I am golden light and I have my own set of worlds. As Manannan's colors are
blue, green, and white, my colors are gold, orange, and crimson. My world
has the beauty of autumn trees, and of bright fish in streams, and of
sunsets that make the land glow. It is wonderful to behold.
Morrigan - the Black Raven of Death and Rebirth
The Morrigan's origin was not with Manannan or even Lir, though she visits
their worlds often. Nor is she one of the children of Danu. She seems to
come from some dark chaos that preceded these gods, but is not a god in
itself.
The major form in which she is seen is her old woman form, wrapped in a
cape of black raven feathers. Sometimes she takes the form of the death
raven announcing death, or the banshee predicting it with shrieks. She is
the thunderhead that descends at death, and the soul which is torn from the
body rises through it like lightning. Her body becomes the conduit of
death, the stormy pathway of the soul.
This is not for all people but it is the way she appears to our people.

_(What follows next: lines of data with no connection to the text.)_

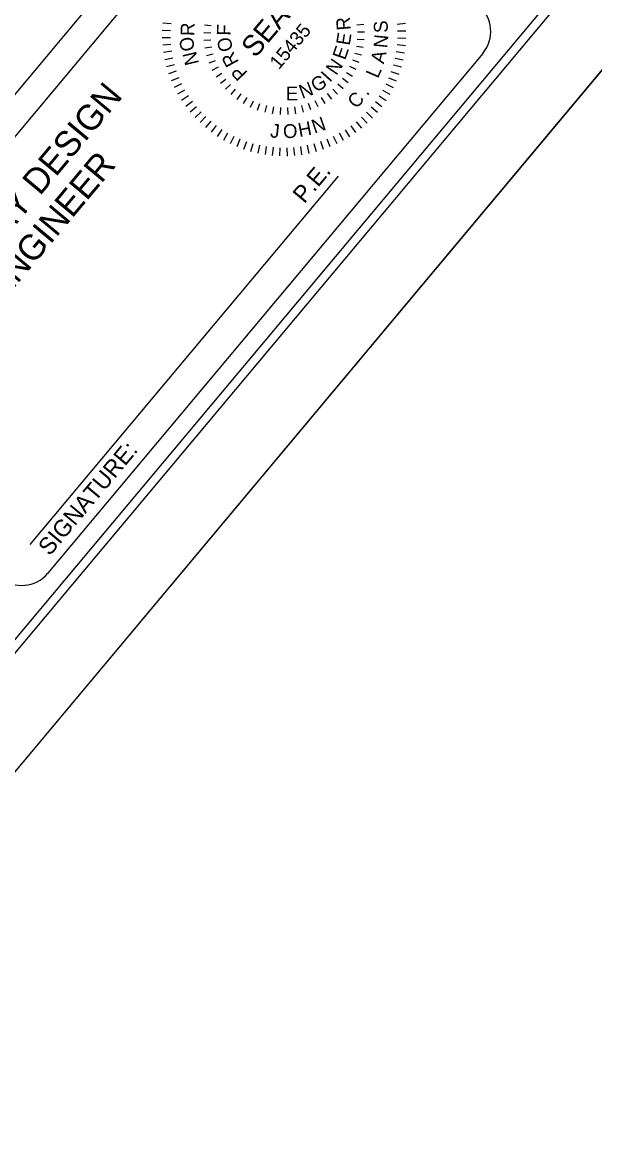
# Model space of a CAD drawing. Extents: x 555292 to 2368606, y 503623 to 1171444.
# Drawn here: x 2363221 to 2364064, y 1163175 to 1164815 of the extents above; entities that cross this region are included whole.
import ezdxf

# ---------------------------------------------------------------- set-up
doc = ezdxf.new("R2010")
doc.units = 0
for name, color, linetype in [('Old_Level_21', 7, 'Continuous'), ('Sheet Cutting Line CELL', 7, 'Continuous'), ('Sheet Plot Border Inside CELL', 7, 'Continuous'), ('Sheet Plot Border Outside CELL', 7, 'Continuous'), ('Sheet Title CELL', 7, 'Continuous')]:
    doc.layers.add(name, color=color, linetype=linetype)

msp = doc.modelspace()

# ---------------------------------------------------------------- linework, layer by layer
at = {"layer": 'Old_Level_21'}
for p, q in [((2363426.9, 1164803), (2363439.1, 1164802.6)), ((2363427.6, 1164813.8), (2363439.8, 1164812.7)), ((2363488, 1164799.5), (2363498.2, 1164799.3)), ((2363488.8, 1164810.9), (2363498.9, 1164809.7)), ((2363723.5, 1164811.6), (2363713.5, 1164810.3)), ((2363724.4, 1164800.2), (2363714.2, 1164799.9)), ((2363784.9, 1164812.7), (2363772.8, 1164811.6)), ((2363785.6, 1164801.8), (2363773.3, 1164801.5)), ((2363426.9, 1164792.1), (2363439.1, 1164792.5)), ((2363488.3, 1164788.1), (2363498.5, 1164788.9)), ((2363724.2, 1164788.8), (2363714, 1164789.5)), ((2363785.5, 1164791), (2363773.3, 1164791.4)), ((2363427.5, 1164781.3), (2363439.7, 1164782.4)), ((2363428.8, 1164770.6), (2363440.9, 1164772.4)), ((2363489.7, 1164776.8), (2363499.7, 1164778.5)), ((2363492.2, 1164765.6), (2363502, 1164768.3)), ((2363720.4, 1164766.3), (2363710.5, 1164768.9)), ((2363722.8, 1164777.4), (2363712.8, 1164779.1)), ((2363783.5, 1164769.4), (2363771.4, 1164771.3)), ((2363784.8, 1164780.2), (2363772.7, 1164781.3)), ((2363430.7, 1164759.9), (2363442.6, 1164762.4)), ((2363433.2, 1164749.4), (2363445, 1164752.6)), ((2363495.8, 1164754.8), (2363505.3, 1164758.4)), ((2363716.9, 1164755.4), (2363707.3, 1164759)), ((2363778.9, 1164748.3), (2363767.1, 1164751.6)), ((2363781.5, 1164758.8), (2363769.6, 1164761.4)), ((2363436.4, 1164739), (2363448, 1164742.9)), ((2363440.2, 1164728.9), (2363451.6, 1164733.5)), ((2363500.4, 1164744.3), (2363509.5, 1164748.8)), ((2363506, 1164734.3), (2363514.6, 1164739.7)), ((2363706.8, 1164734.9), (2363698.2, 1164740.2)), ((2363712.4, 1164744.9), (2363703.2, 1164749.4)), ((2363775.6, 1164737.9), (2363764.1, 1164741.9)), ((2363444.7, 1164719), (2363455.7, 1164724.3)), ((2363512.5, 1164724.9), (2363520.5, 1164731.1)), ((2363519.9, 1164716.2), (2363527.3, 1164723.2)), ((2363693, 1164716.7), (2363685.5, 1164723.6)), ((2363700.4, 1164725.5), (2363692.3, 1164731.6)), ((2363767.3, 1164717.9), (2363756.3, 1164723.3)), ((2363771.8, 1164727.8), (2363760.5, 1164732.5)), ((2363449.7, 1164709.3), (2363460.3, 1164715.3)), ((2363455.2, 1164700.1), (2363465.5, 1164706.7)), ((2363528.1, 1164708.3), (2363534.8, 1164715.9)), ((2363537, 1164701.1), (2363542.9, 1164709.4)), ((2363546.6, 1164694.9), (2363551.7, 1164703.7)), ((2363666.5, 1164695.2), (2363661.3, 1164704)), ((2363669.9, 1164709.7), (2363675.9, 1164701.5)), ((2363684.9, 1164708.7), (2363678.1, 1164716.3)), ((2363756.6, 1164699.1), (2363746.3, 1164705.8)), ((2363762.2, 1164708.4), (2363751.6, 1164714.4)), ((2363461.4, 1164691.1), (2363471.2, 1164698.3)), ((2363468, 1164682.6), (2363477.4, 1164690.4)), ((2363556.7, 1164689.6), (2363561, 1164698.9)), ((2363567.3, 1164685.3), (2363570.6, 1164695)), ((2363578.2, 1164682.1), (2363580.6, 1164692)), ((2363589.4, 1164679.9), (2363590.9, 1164690)), ((2363600.8, 1164678.9), (2363601.3, 1164689)), ((2363612.3, 1164678.9), (2363611.7, 1164689.1)), ((2363623.6, 1164680), (2363622.1, 1164690.1)), ((2363634.8, 1164682.3), (2363632.4, 1164692.1)), ((2363645.8, 1164685.6), (2363642.4, 1164695.2)), ((2363656.3, 1164689.9), (2363652, 1164699.1)), ((2363743.7, 1164681.7), (2363734.3, 1164689.5)), ((2363750.4, 1164690.2), (2363740.6, 1164697.5)), ((2363475.2, 1164674.4), (2363484.1, 1164682.8)), ((2363482.8, 1164666.8), (2363491.2, 1164675.6)), ((2363490.9, 1164659.5), (2363498.8, 1164668.9)), ((2363720.6, 1164658.8), (2363712.8, 1164668.2)), ((2363728.8, 1164666), (2363720.4, 1164674.9)), ((2363736.4, 1164673.6), (2363727.6, 1164682)), ((2363499.4, 1164652.8), (2363506.7, 1164662.6)), ((2363508.3, 1164646.6), (2363515, 1164656.9)), ((2363517.6, 1164641), (2363523.6, 1164651.6)), ((2363703.1, 1164646), (2363696.5, 1164656.3)), ((2363712.1, 1164652.1), (2363704.9, 1164662)), ((2363527.1, 1164635.9), (2363532.6, 1164646.9)), ((2363537, 1164631.4), (2363541.8, 1164642.7)), ((2363547.1, 1164627.6), (2363551.2, 1164639.1)), ((2363557.5, 1164624.3), (2363560.8, 1164636.1)), ((2363653.8, 1164624), (2363650.6, 1164635.8)), ((2363664.2, 1164627.2), (2363660.3, 1164638.8)), ((2363674.3, 1164631), (2363669.7, 1164642.3)), ((2363684.2, 1164635.4), (2363678.9, 1164646.4)), ((2363693.9, 1164640.4), (2363687.9, 1164651.1)), ((2363568, 1164621.7), (2363570.6, 1164633.6)), ((2363578.7, 1164619.7), (2363580.5, 1164631.8)), ((2363589.4, 1164618.4), (2363590.6, 1164630.5)), ((2363600.2, 1164617.7), (2363600.6, 1164629.9)), ((2363611.1, 1164617.6), (2363610.7, 1164629.9)), ((2363621.9, 1164618.3), (2363620.8, 1164630.4)), ((2363632.6, 1164619.5), (2363630.8, 1164631.6)), ((2363643.3, 1164621.5), (2363640.8, 1164633.4))]:
    msp.add_line(p, q, dxfattribs=at)
at = {"layer": 'Sheet Cutting Line CELL'}
msp.add_line((2359251.2, 1158978), (2364653.4, 1165436.5), dxfattribs=at)
at = {"layer": 'Sheet Plot Border Inside CELL'}
msp.add_lwpolyline([(2359232.5, 1159130.5), (2364578.6, 1165521.9), (2360532, 1168906.6), (2355185.9, 1162515.2)], close=True, dxfattribs=at)
at = {"layer": 'Sheet Plot Border Outside CELL'}
msp.add_line((2364704.7, 1165497.9), (2359251.2, 1158978), dxfattribs=at)
at = {"layer": 'Sheet Title CELL'}
for p, q in [((2362878.1, 1164249.5), (2363586, 1165095.8)), ((2362884, 1164318.8), (2363346.8, 1164872.1)), ((2363232.5, 1164045.3), (2363686.5, 1164587.9))]:
    msp.add_line(p, q, dxfattribs=at)
for points in [[(2359748.8, 1159767.7), (2364496.6, 1165443.8)], [(2363258.3, 1164002.5), (2363899.2, 1164768.7)]]:
    msp.add_lwpolyline(points, dxfattribs=at)
for centre, start, end in [((2363860.6, 1164801), 320.0895, 50.0895), ((2363219.8, 1164034.8), 230.0895, 320.0895)]:
    msp.add_arc(centre, 50, start, end, dxfattribs=at)

# ---------------------------------------------------------------- texts
at = {"layer": 'Old_Level_21'}
for s, height, rotation, p in [('SEAL', 30.57, 50.0097, (2363564, 1164760.9)), ('R', 20.4, 94.5746, (2363704.4, 1164803.6)), ('S', 20.4, 93.3341, (2363759.4, 1164799.6)), ('R', 20.4, 88.6702, (2363474.2, 1164794.3)), ('F', 20.4, 88.2503, (2363527.5, 1164794.8)), ('15435', 20.36, 50.0097, (2363598.6, 1164743.9)), ('E', 20.4, 80.8035, (2363702.8, 1164779.7)), ('O', 20.4, 101.727, (2363475.3, 1164774.1)), ('O', 20.4, 103.5465, (2363531.4, 1164773.9)), ('N', 20.4, 84.4515, (2363758, 1164776)), ('N', 20.4, 103.6864, (2363480.9, 1164754.1)), ('R', 20.4, 118.8428, (2363540.2, 1164756)), ('E', 20.4, 70.8176, (2363696.1, 1164758.1)), ('A', 20.4, 75.6289, (2363752.9, 1164752.6)), ('N', 20.4, 55.4255, (2363683, 1164735.4)), ('P', 20.4, 134.139, (2363553.7, 1164740.6)), ('G', 20.4, 29.7011, (2363653, 1164710.8)), ('I', 20.4, 47.7959, (2363673.6, 1164725.2)), ('L', 20.4, 66.6263, (2363744.4, 1164731)), ('E', 20.4, 0.0798, (2363608.9, 1164699.5)), ('N', 20.4, 20.9348, (2363632.9, 1164701.7)), ('C', 20.4, 46.0996, (2363712.2, 1164686.3)), ('.', 20.4, 53.842, (2363728.8, 1164705.4)), ('H', 20.4, 10.6593, (2363628.8, 1164645.5)), ('N', 20.4, 19.3318, (2363651, 1164650.5)), ('J', 20.4, 353.9447, (2363585.1, 1164645.3)), ('O', 20.4, 2.0165, (2363605, 1164643.8))]:
    msp.add_text(s, height=height, rotation=rotation, dxfattribs=at).set_placement(p)
at = {"layer": 'Sheet Title CELL'}
for s, height, p in [('ROADWAY DESIGN', 37.497, (2363071.5, 1164348.5)), ('ENGINEER', 37.5, (2363192.1, 1164403)), ('P.E.', 25, (2363636, 1164546.4)), ('SIGNATURE:', 25, (2363261.1, 1164027.2))]:
    msp.add_text(s, height=height, rotation=50.0895, dxfattribs=at).set_placement(p)

doc.saveas('drawing.dxf')

Because she is the pathway, the vast network of reincarnation compressed
into a cloudy mirror, she can guide the soul as she chooses. She needs only
to change the pathways. Usually she is a subtle mist, but on the
battlefield, she is storm clouds and thunder, the hag screaming for the
dead, and the black death-horse which gallops through the sky carrying its
newly deceased rider.
She is also, in secret, the goddess of incarnation. People do not like to
believe that incarnations are guided. They prefer to believe that souls are
generated at birth, or that some great god has chosen their fate. That the
dark death goddess carries the soul in her black wings to rebirth is a
frightening idea. Perhaps if the soul were brought by the stork, it would
be more acceptable to the modern imagination
Another role of the Morrigan is associated with the hunting falcon, which
is a rare and special role for her. Instead of a raven who guides the soul
at birth or death, she becomes that falcon that guides the healer or mage
in initiation.
She says,
Most humans fear me because I bring with me the aura of death. When I am
near, the doorway of death is visible. The portal is composed of silver
branches creating a doorway against the darkness. Beyond the door
lay the worlds of incarnation.
There are many images that I use. Long ago, I came as an animal - a wolf, a
vulture, or jackal. Then I took on the forms of transportation - the
death-coach and the death train. I am still the Nightmare who rides away
with the soul, the dark angel of death that wrestles the soul out of the
body.
The death-coach comes from a time when coaches were owned by wealthy
aristocrats. A coach meant nobility, royalty, or superior status. A
death-coach sent by a god would be luxurious black velvet and leather, with
gold and silver trim. But it also meant that a deity, a superior was
sending a messenger. It was how invitations were sent before the postal
service and the telephone.
The death summons in whatever symbolic form brings awareness of the
temporary nature of life.
My mythic body is a woman or a bird, but my cosmic form is a cloud with
pathways leading from it. People are pulled down these pathways by the
force of their desires and sins, and by their striving and seeking after
goals. It is as if they are magnetized, and the soul is pulled from one
magnet to the next. The death-coach brings the soul to the mountaintop or
the cave, and I am the dark cloud it must pierce to arrive at its
destination. I also open the most powerful of the magnetized pathways - the
birthing child pulling down a soul into a body and a new incarnation.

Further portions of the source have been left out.